Documentation discovery	Confirm the docs page used by the runbook is still part of the current public documentation map.	https://apidoc.cometapi.com/	2026-06-25	“Re-check the current docs before copying endpoint details into an operations ticket.”

FAQ

Should this runbook approve a model change by itself?

No. It is a preflight and smoke-test guide. Production approval should also consider application-specific quality checks, rollback ownership, customer impact, and business risk.

Can the smoke test use a real customer prompt?

No. Use a sanitized placeholder prompt and record only the fields needed for reliability review. Do not store customer prompts, full responses, credentials, or account-specific commercial details in the run record.

Should the runbook assert pricing, quotas, or long-term availability?

No. Those checks are account-specific or time-sensitive and should be verified through the appropriate commercial and operational sources. This runbook only covers catalog identity, endpoint contract, telemetry, and controlled fallback behavior.

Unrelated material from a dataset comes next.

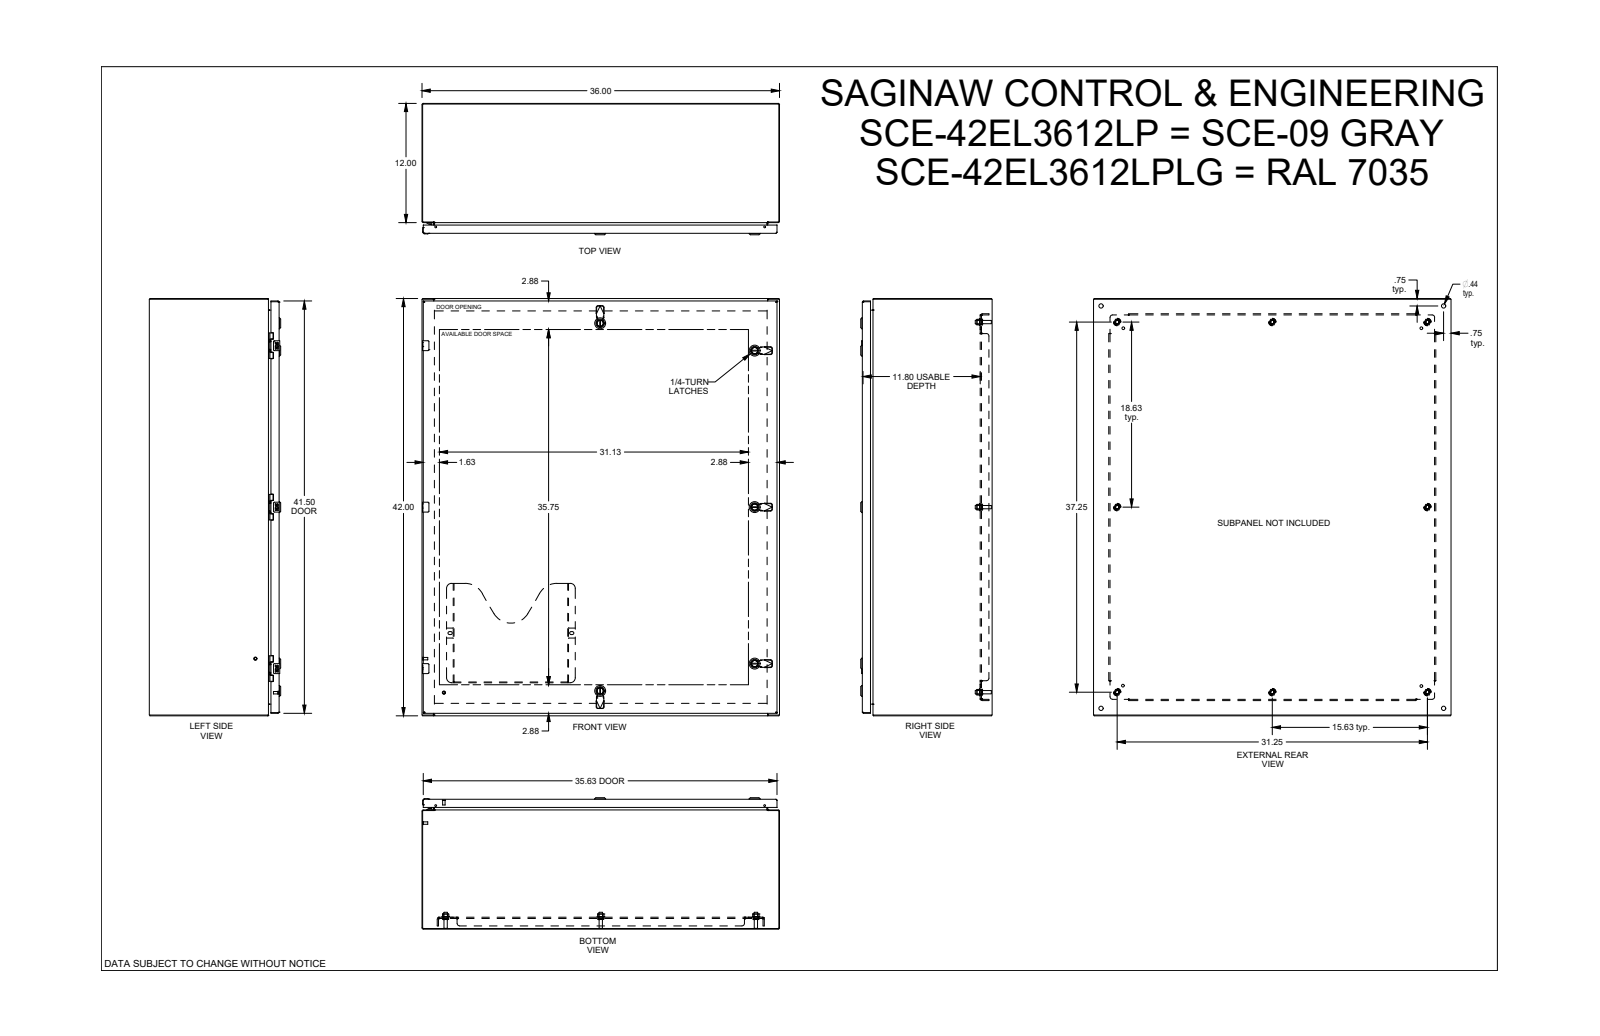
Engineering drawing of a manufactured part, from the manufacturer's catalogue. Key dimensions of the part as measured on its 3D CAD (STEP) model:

What is the safest failure-path test?

Use a controlled invalid request that cannot leak credentials or customer data, then confirm the client records the status, error category, retry decision, and final fallback outcome. Stop if the test creates repeated retries or unclear side effects.

When should traffic stay held?

Hold traffic if the model cannot be confirmed in the current catalog, the endpoint contract does not match the caller, telemetry is missing, the rollback owner is unclear, or the failure path cannot be reviewed from logs.